Hangbok Choi, Ho Jin Ryu, Gyuhong Roh, Chang Joon Jeong, Chang Je Park, Kee Chan Song, Jung Won Lee, Myung Seung Yang
Nuclear Technology | Volume 157 | Number 1 | January 2007 | Pages 1-17
Technical Paper | Fission Reactors | doi.org/10.13182/NT07-A3798
Articles are hosted by Taylor and Francis Online.

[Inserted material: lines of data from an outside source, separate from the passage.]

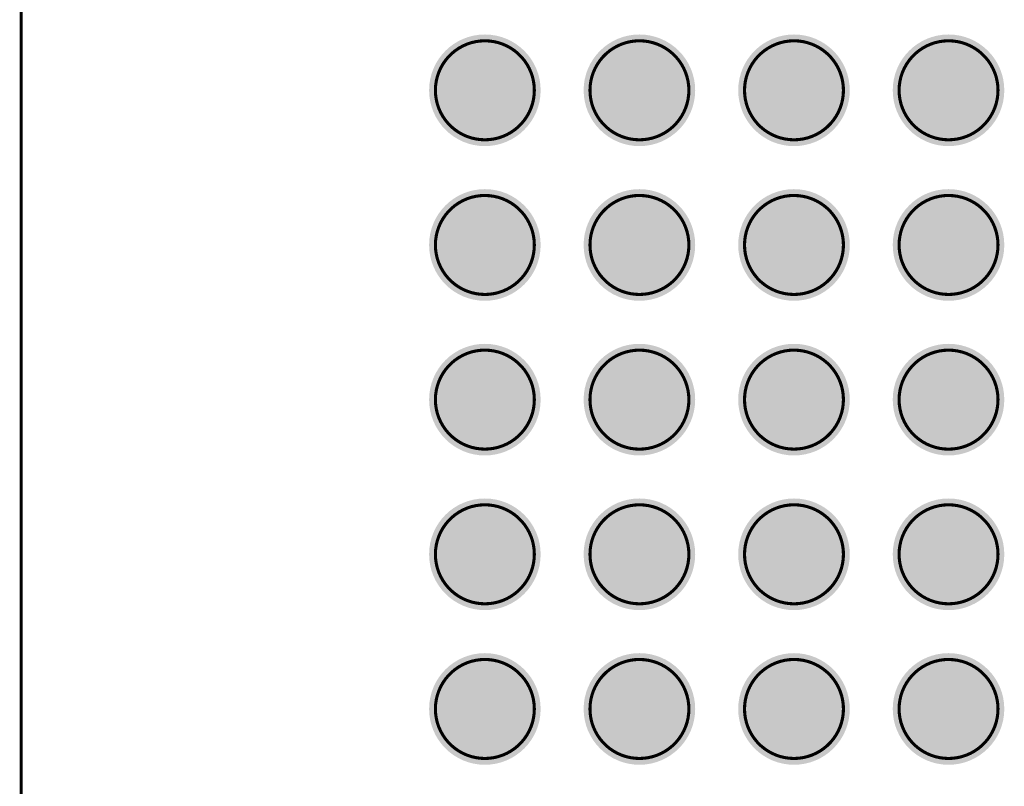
# Model space of a CAD drawing. Header units: inches. Extents: x -0.12 to 1.77, y 0 to 1.45.
# Tile 18 of 24: x 0.59 to 0.9, y 0.71 to 0.96. Entities that reach past the tile are written whole.
import ezdxf

# ---------------------------------------------------------------- set-up
doc = ezdxf.new("R2010")
doc.units = ezdxf.units.IN
doc.header["$MEASUREMENT"] = 0
for name, color, linetype in [('Mechanical 7', 56, 'Continuous'), ('Top Layer', 1, 'Continuous'), ('Top Paste', 8, 'Continuous'), ('Top Solder', 216, 'Continuous')]:
    doc.layers.add(name, color=color, linetype=linetype)

# ---------------------------------------------------------------- blocks, each defined once
blk = doc.blocks.new('OSM__S____S_S______P________S____1')
at = {"layer": 'Mechanical 7', "const_width": 0.000984}
blk.add_lwpolyline([(0, -0.59055), (0, 0.59055)], dxfattribs=at)
for points in [[(0.13188, 0.34449, -0.414214), (0.14763, 0.36024)], [(0.14763, 0.36024, -0.414214), (0.16338, 0.34449)], [(0.1811, 0.34449, -0.414214), (0.19685, 0.36024)], [(0.19684, 0.36024, -0.414214), (0.21259, 0.34449)], [(0.23031, 0.34449, -0.414214), (0.24606, 0.36024)], [(0.24606, 0.36024, -0.414214), (0.2618, 0.34449)], [(0.27953, 0.34449, -0.414214), (0.29528, 0.36024)], [(0.29527, 0.36024, -0.414214), (0.31102, 0.34449)], [(0.14763, 0.32874, -0.414214), (0.13188, 0.34449)], [(0.16338, 0.34449, -0.414214), (0.14763, 0.32874)], [(0.19684, 0.32874, -0.414214), (0.1811, 0.34449)], [(0.21259, 0.34449, -0.414214), (0.19684, 0.32874)], [(0.24606, 0.32874, -0.414214), (0.23031, 0.34449)], [(0.2618, 0.34449, -0.414214), (0.24606, 0.32874)], [(0.29527, 0.32874, -0.414214), (0.27953, 0.34449)], [(0.31102, 0.34449, -0.414214), (0.29527, 0.32874)], [(0.13188, 0.29528, -0.414214), (0.14763, 0.31103)], [(0.14763, 0.31102, -0.414214), (0.16338, 0.29528)], [(0.1811, 0.29527, -0.414214), (0.19685, 0.31103)], [(0.19684, 0.31102, -0.414214), (0.21259, 0.29527)], [(0.23031, 0.29528, -0.414214), (0.24606, 0.31103)], [(0.24606, 0.31102, -0.414214), (0.2618, 0.29528)], [(0.27953, 0.29527, -0.414214), (0.29528, 0.31103)], [(0.29527, 0.31102, -0.414214), (0.31102, 0.29527)], [(0.14763, 0.27953, -0.414214), (0.13188, 0.29528)], [(0.16338, 0.29528, -0.414214), (0.14763, 0.27953)], [(0.19684, 0.27953, -0.414214), (0.1811, 0.29527)], [(0.21259, 0.29527, -0.414214), (0.19684, 0.27953)], [(0.24606, 0.27953, -0.414214), (0.23031, 0.29528)], [(0.2618, 0.29528, -0.414214), (0.24606, 0.27953)], [(0.29527, 0.27953, -0.414214), (0.27953, 0.29527)], [(0.31102, 0.29527, -0.414214), (0.29527, 0.27953)], [(0.13188, 0.24606, -0.414214), (0.14763, 0.26182)], [(0.14763, 0.26181, -0.414214), (0.16338, 0.24606)], [(0.1811, 0.24606, -0.414214), (0.19685, 0.26181)], [(0.19684, 0.26181, -0.414214), (0.21259, 0.24606)], [(0.23031, 0.24606, -0.414214), (0.24606, 0.26182)], [(0.24606, 0.26181, -0.414214), (0.2618, 0.24606)], [(0.27952, 0.24606, -0.414214), (0.29528, 0.26181)], [(0.29527, 0.26181, -0.414214), (0.31102, 0.24606)], [(0.14763, 0.23032, -0.414214), (0.13188, 0.24606)], [(0.16338, 0.24606, -0.414214), (0.14763, 0.23032)], [(0.19684, 0.23031, -0.414214), (0.1811, 0.24606)], [(0.21259, 0.24606, -0.414214), (0.19684, 0.23031)], [(0.24606, 0.23032, -0.414214), (0.23031, 0.24606)], [(0.2618, 0.24606, -0.414214), (0.24606, 0.23032)], [(0.29527, 0.23031, -0.414214), (0.27952, 0.24606)], [(0.31102, 0.24606, -0.414214), (0.29527, 0.23031)], [(0.13188, 0.19685, -0.414214), (0.14763, 0.2126)], [(0.14763, 0.2126, -0.414214), (0.16338, 0.19685)], [(0.1811, 0.19685, -0.414214), (0.19685, 0.2126)], [(0.19684, 0.2126, -0.414214), (0.21259, 0.19685)], [(0.23031, 0.19685, -0.414214), (0.24606, 0.2126)], [(0.24606, 0.2126, -0.414214), (0.2618, 0.19685)], [(0.27953, 0.19685, -0.414214), (0.29528, 0.2126)], [(0.29527, 0.2126, -0.414214), (0.31102, 0.19685)], [(0.14763, 0.1811, -0.414214), (0.13188, 0.19685)], [(0.16338, 0.19685, -0.414214), (0.14763, 0.1811)], [(0.19684, 0.1811, -0.414214), (0.1811, 0.19685)], [(0.21259, 0.19685, -0.414214), (0.19684, 0.1811)], [(0.24606, 0.1811, -0.414214), (0.23031, 0.19685)], [(0.2618, 0.19685, -0.414214), (0.24606, 0.1811)], [(0.29527, 0.1811, -0.414214), (0.27953, 0.19685)], [(0.31102, 0.19685, -0.414214), (0.29527, 0.1811)], [(0.13188, 0.14764, -0.414214), (0.14763, 0.16339)], [(0.14763, 0.16339, -0.414214), (0.16338, 0.14764)], [(0.1811, 0.14764, -0.414214), (0.19685, 0.16339)], [(0.19684, 0.16338, -0.414214), (0.21259, 0.14764)], [(0.23031, 0.14764, -0.414214), (0.24606, 0.16339)], [(0.24606, 0.16339, -0.414214), (0.2618, 0.14764)], [(0.27953, 0.14764, -0.414214), (0.29528, 0.16339)], [(0.29527, 0.16338, -0.414214), (0.31102, 0.14764)], [(0.14763, 0.13189, -0.414214), (0.13188, 0.14764)], [(0.16338, 0.14764, -0.414214), (0.14763, 0.13189)], [(0.19684, 0.13189, -0.414214), (0.1811, 0.14764)], [(0.21259, 0.14764, -0.414214), (0.19684, 0.13189)], [(0.24606, 0.13189, -0.414214), (0.23031, 0.14764)], [(0.2618, 0.14764, -0.414214), (0.24606, 0.13189)], [(0.29527, 0.13189, -0.414214), (0.27953, 0.14764)], [(0.31102, 0.14764, -0.414214), (0.29527, 0.13189)]]:
    blk.add_lwpolyline(points, format="xyb", dxfattribs=at)
at = {"layer": 'Mechanical 7', "const_width": 0.000492}
for points in [[(0.14739, 0.36024, 1), (0.14788, 0.36024, 1)], [(0.14739, 0.36024, 1), (0.14788, 0.36024, 1)], [(0.1966, 0.36024, 1), (0.19709, 0.36024, 1)], [(0.1966, 0.36024, 1), (0.19709, 0.36024, 1)], [(0.24581, 0.36024, 1), (0.2463, 0.36024, 1)], [(0.24581, 0.36024, 1), (0.24631, 0.36024, 1)], [(0.29503, 0.36024, 1), (0.29552, 0.36024, 1)], [(0.29503, 0.36024, 1), (0.29552, 0.36024, 1)], [(0.13164, 0.34449, 1), (0.13213, 0.34449, 1)], [(0.13164, 0.34449, 1), (0.13213, 0.34449, 1)], [(0.16313, 0.34449, 1), (0.16363, 0.34449, 1)], [(0.16313, 0.34449, 1), (0.16363, 0.34449, 1)], [(0.18085, 0.34449, 1), (0.18134, 0.34449, 1)], [(0.18085, 0.34449, 1), (0.18134, 0.34449, 1)], [(0.21235, 0.34449, 1), (0.21284, 0.34449, 1)], [(0.21235, 0.34449, 1), (0.21284, 0.34449, 1)], [(0.23006, 0.34449, 1), (0.23055, 0.34449, 1)], [(0.23006, 0.34449, 1), (0.23055, 0.34449, 1)], [(0.26156, 0.34449, 1), (0.26205, 0.34449, 1)], [(0.26156, 0.34449, 1), (0.26205, 0.34449, 1)], [(0.27928, 0.34449, 1), (0.27977, 0.34449, 1)], [(0.27928, 0.34449, 1), (0.27977, 0.34449, 1)], [(0.31078, 0.34449, 1), (0.31127, 0.34449, 1)], [(0.31078, 0.34449, 1), (0.31127, 0.34449, 1)], [(0.14739, 0.32874, 1), (0.14788, 0.32874, 1)], [(0.14739, 0.32874, 1), (0.14788, 0.32874, 1)], [(0.1966, 0.32874, 1), (0.19709, 0.32874, 1)], [(0.1966, 0.32874, 1), (0.19709, 0.32874, 1)], [(0.24581, 0.32874, 1), (0.2463, 0.32874, 1)], [(0.24581, 0.32874, 1), (0.2463, 0.32874, 1)], [(0.29503, 0.32874, 1), (0.29552, 0.32874, 1)], [(0.29503, 0.32874, 1), (0.29552, 0.32874, 1)], [(0.14739, 0.31102, 1), (0.14788, 0.31102, 1)], [(0.14739, 0.31103, 1), (0.14788, 0.31103, 1)], [(0.1966, 0.31102, 1), (0.19709, 0.31102, 1)], [(0.1966, 0.31103, 1), (0.19709, 0.31103, 1)], [(0.24581, 0.31102, 1), (0.2463, 0.31102, 1)], [(0.24581, 0.31103, 1), (0.24631, 0.31103, 1)], [(0.29503, 0.31103, 1), (0.29552, 0.31103, 1)], [(0.29503, 0.31102, 1), (0.29552, 0.31102, 1)], [(0.13164, 0.29528, 1), (0.13213, 0.29528, 1)], [(0.13164, 0.29528, 1), (0.13213, 0.29528, 1)], [(0.16313, 0.29528, 1), (0.16363, 0.29528, 1)], [(0.16313, 0.29528, 1), (0.16363, 0.29528, 1)], [(0.18085, 0.29527, 1), (0.18134, 0.29527, 1)], [(0.18085, 0.29527, 1), (0.18134, 0.29527, 1)], [(0.21235, 0.29527, 1), (0.21284, 0.29527, 1)], [(0.21235, 0.29527, 1), (0.21284, 0.29527, 1)], [(0.23006, 0.29528, 1), (0.23055, 0.29528, 1)], [(0.23006, 0.29528, 1), (0.23055, 0.29528, 1)], [(0.26156, 0.29528, 1), (0.26205, 0.29528, 1)], [(0.26156, 0.29528, 1), (0.26205, 0.29528, 1)], [(0.27928, 0.29527, 1), (0.27977, 0.29527, 1)], [(0.27928, 0.29527, 1), (0.27977, 0.29527, 1)], [(0.31078, 0.29527, 1), (0.31127, 0.29527, 1)], [(0.31078, 0.29527, 1), (0.31127, 0.29527, 1)], [(0.14739, 0.27953, 1), (0.14788, 0.27953, 1)], [(0.14739, 0.27953, 1), (0.14788, 0.27953, 1)], [(0.1966, 0.27953, 1), (0.19709, 0.27953, 1)], [(0.1966, 0.27953, 1), (0.19709, 0.27953, 1)], [(0.24581, 0.27953, 1), (0.2463, 0.27953, 1)], [(0.24581, 0.27953, 1), (0.2463, 0.27953, 1)], [(0.29503, 0.27953, 1), (0.29552, 0.27953, 1)], [(0.29503, 0.27953, 1), (0.29552, 0.27953, 1)], [(0.14739, 0.26182, 1), (0.14788, 0.26182, 1)], [(0.14738, 0.26181, 1), (0.14788, 0.26181, 1)], [(0.1966, 0.26181, 1), (0.19709, 0.26181, 1)], [(0.1966, 0.26181, 1), (0.19709, 0.26181, 1)], [(0.24581, 0.26181, 1), (0.2463, 0.26181, 1)], [(0.24581, 0.26182, 1), (0.2463, 0.26182, 1)], [(0.29503, 0.26181, 1), (0.29552, 0.26181, 1)], [(0.29503, 0.26181, 1), (0.29552, 0.26181, 1)], [(0.13164, 0.24606, 1), (0.13213, 0.24606, 1)], [(0.13164, 0.24606, 1), (0.13213, 0.24606, 1)], [(0.16313, 0.24606, 1), (0.16362, 0.24606, 1)], [(0.16313, 0.24606, 1), (0.16362, 0.24606, 1)], [(0.18085, 0.24606, 1), (0.18134, 0.24606, 1)], [(0.18085, 0.24606, 1), (0.18134, 0.24606, 1)], [(0.21235, 0.24606, 1), (0.21284, 0.24606, 1)], [(0.21235, 0.24606, 1), (0.21284, 0.24606, 1)], [(0.23006, 0.24606, 1), (0.23055, 0.24606, 1)], [(0.23006, 0.24606, 1), (0.23055, 0.24606, 1)], [(0.26156, 0.24606, 1), (0.26205, 0.24606, 1)], [(0.26156, 0.24606, 1), (0.26205, 0.24606, 1)], [(0.27928, 0.24606, 1), (0.27977, 0.24606, 1)], [(0.27928, 0.24606, 1), (0.27977, 0.24606, 1)], [(0.31077, 0.24606, 1), (0.31127, 0.24606, 1)], [(0.31077, 0.24606, 1), (0.31127, 0.24606, 1)], [(0.14738, 0.23032, 1), (0.14788, 0.23032, 1)], [(0.14738, 0.23032, 1), (0.14788, 0.23032, 1)], [(0.1966, 0.23031, 1), (0.19709, 0.23031, 1)], [(0.1966, 0.23031, 1), (0.19709, 0.23031, 1)], [(0.24581, 0.23032, 1), (0.2463, 0.23032, 1)], [(0.24581, 0.23032, 1), (0.2463, 0.23032, 1)], [(0.29503, 0.23031, 1), (0.29552, 0.23031, 1)], [(0.29503, 0.23031, 1), (0.29552, 0.23031, 1)], [(0.14739, 0.2126, 1), (0.14788, 0.2126, 1)], [(0.14739, 0.2126, 1), (0.14788, 0.2126, 1)], [(0.1966, 0.2126, 1), (0.19709, 0.2126, 1)], [(0.1966, 0.2126, 1), (0.19709, 0.2126, 1)], [(0.24581, 0.2126, 1), (0.2463, 0.2126, 1)], [(0.24581, 0.2126, 1), (0.24631, 0.2126, 1)], [(0.29503, 0.2126, 1), (0.29552, 0.2126, 1)], [(0.29503, 0.2126, 1), (0.29552, 0.2126, 1)], [(0.13164, 0.19685, 1), (0.13213, 0.19685, 1)], [(0.13164, 0.19685, 1), (0.13213, 0.19685, 1)], [(0.16313, 0.19685, 1), (0.16363, 0.19685, 1)], [(0.16313, 0.19685, 1), (0.16363, 0.19685, 1)], [(0.18085, 0.19685, 1), (0.18134, 0.19685, 1)], [(0.18085, 0.19685, 1), (0.18134, 0.19685, 1)], [(0.21235, 0.19685, 1), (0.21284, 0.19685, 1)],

This study describes the mechanical compatibility of the direct use of spent pressurized water reactor fuel in Canada deuterium uranium (CANDU) reactors (DUPIC) fuel when it is loaded into a CANDU reactor. The mechanical compatibility can be assessed for the fuel management, primary heat transport system, fuel channel, and fuel handling system in the reactor core by both experimental and analytic methods. Because the physical dimensions of the DUPIC fuel bundle adopt the CANDU flexible (CANFLEX) fuel bundle design, which has already been demonstrated for a commercial use in CANDU reactors, the experimental compatibility analyses focused on the generation of material property data and the irradiation tests of the DUPIC fuel, which are used for the computational analysis. The intermediate results of the mechanical compatibility analysis have shown that the integrity of the DUPIC fuel is mostly maintained under the high-power and high-burnup conditions even though some material properties, such as the thermal conductivity, are a little lower compared to the uranium fuel. However, it is required that the current DUPIC fuel design be changed slightly to accommodate the high internal pressure of the fuel element. It is also strongly recommended that more irradiation tests of the DUPIC fuel be performed to accumulate a database for the demonstration of the DUPIC fuel performance in the CANDU reactor.